Risk Statement: Patients being treated for hypothyroidism (underactive thyroid), who receive superpotent NP Thyroid, may experience signs and symptoms of hyperthyroidism (overactive thyroid) which include, but are not limited to, weight loss, heat intolerance, fatigue, muscle weakness, hypertension, chest pain, rapid heart rate, or heart rhythm disturbances. Pregnant women who take superpotent NP Thyroid may also experience negative maternal and fetal outcomes including miscarriage and/or impairment to fetal development. Patients should talk to their healthcare professional before they stop taking their NP Thyroid medicine. To date, Acella has received two reports of adverse events known to be related to this recall.

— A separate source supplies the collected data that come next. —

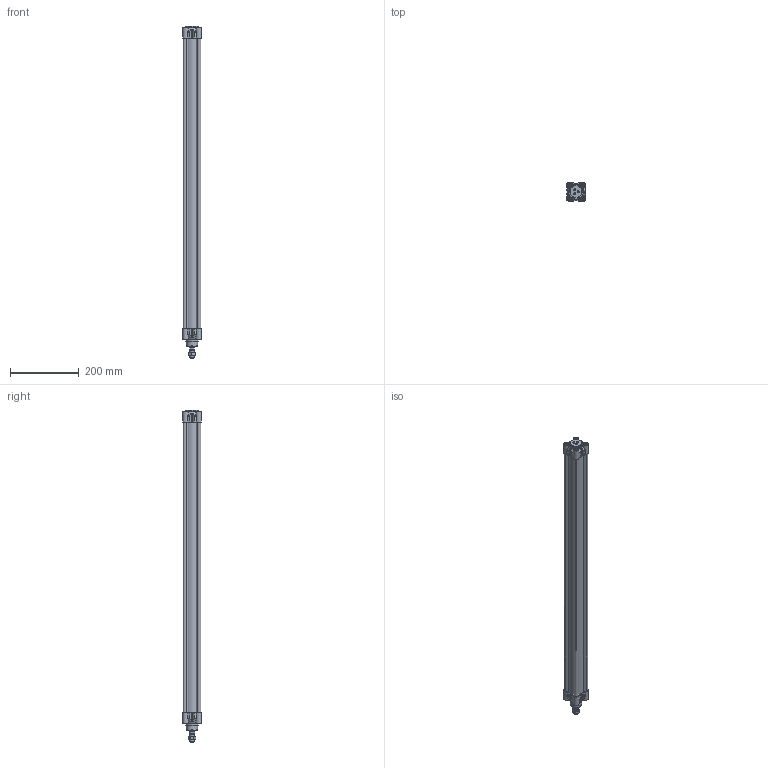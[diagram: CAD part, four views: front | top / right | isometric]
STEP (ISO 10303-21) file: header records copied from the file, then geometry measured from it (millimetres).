
FILE_DESCRIPTION(/* description */ ('Unknown'),/* implementation_level */ '2;1');
FILE_NAME(/* name */ 'HIFO 40_800',/* time_stamp */ '2024-08-14T09:40:57+02:00',/* author */ ('Unknown'),/* organization */ ('Unknown'),/* preprocessor_version */ 'ST-DEVELOPER v16.7',/* originating_system */ 'Solid Edge',/* authorisation */ 'Unknown');
FILE_SCHEMA (('AUTOMOTIVE_DESIGN {1 0 10303 214 3 1 1}'));
Length unit declared in the file: millimetre
Products named in the file (6): HIFO 40_800; Profilrohr 40_800; Mutter; Kolbenstange 40_800; Kit_1; Kit_2
Assembly tree (5 placements, depth 2):
  HIFO 40_800
    Profilrohr 40_800
    Mutter
    Kolbenstange 40_800
    Kit_1
    Kit_2
Bounding box: 54.5 x 54.5 x 963 mm (x, y, z)
Volume: 904317.1 mm3; surface area: 550936.8 mm2
Topology: 5 solids, 12 shells, 963 faces, 2463 edges, 1610 vertices
Faces by surface type: plane 392, cylinder 309, cone 95, torus 76, bspline 73, sphere 18
Full cylindrical faces by diameter (mm): 2.5 x1, 3 x3, 3.5 x3, 4.917 x16, 6 x11, 6.2 x8, 7 x1, 9.9 x2, 10 x13, 10.3 x8, 10.647 x1, 11.44 x1, 11.445 x2, 12 x1, 15.5 x1, 16 x2, 16.6 x1, 16.8 x1, 16.847 x1, 20 x1, 26 x2, 33 x1, 35 x2, 40 x2
Entity records: 37469 total; most frequent: CARTESIAN_POINT 9065, ORIENTED_EDGE 4790, DIRECTION 4576, EDGE_CURVE 2395, AXIS2_PLACEMENT_3D 1737, VERTEX_POINT 1593, FACE_BOUND 1128, EDGE_LOOP 1120

NP Thyroid (thyroid tablets, USP) is composed of levothyroxine and liothyronine, and used to treat hypothyroidism (underactive thyroid). The products subject to recall are packed in 100-count bottles. See product images.
To best identify the product, the NDC’s, Product Description, Lot Numbers and Expiration Dates are listed. These lots were distributed nationwide in the USA to Acella’s direct accounts.
|NP Thyroid 30 mg||42192-329-01||M329A19-1||20-Dec|
|NP Thyroid 60 mg||42192-330-01||M330J18-2A||20-Aug|
|NP Thyroid 90 mg||42192-331-01||M331G18-1||20-Jun|
Acella is proactively notifying its wholesalers by email and phone to discontinue distribution of the product being recalled and is arranging for return of all recalled products. Patients who are currently taking NP Thyroid from the lots being recalled should not discontinue use without contacting their healthcare provider for further guidance and/or a replacement prescription.
Consumers with questions about the recall can email Acella Pharmaceuticals at email@example.com or contact Acella Customer Service at 1-800-541-4802, Monday through Thursday from 9:00 am to 5:00 pm ET and Friday from 9:00 am to 12:30 pm ET. Consumers should contact their physician or healthcare provider if they have experienced any problems that may be related to taking or using this drug product.
Adverse reactions or quality problems experienced with the use of this product may be reported to the FDA’s MedWatch Adverse Event Reporting program either online, by regular mail or by fax.
- Complete and submit the report Online
- Regular Mail or Fax: Download form or call 1- 800-332-1088 to request a reporting form, then complete and return to the address on the pre-addressed form, or submit by fax to 1-800-FDA-0178
This recall is being conducted with the knowledge of the U.S. Food and Drug Administration.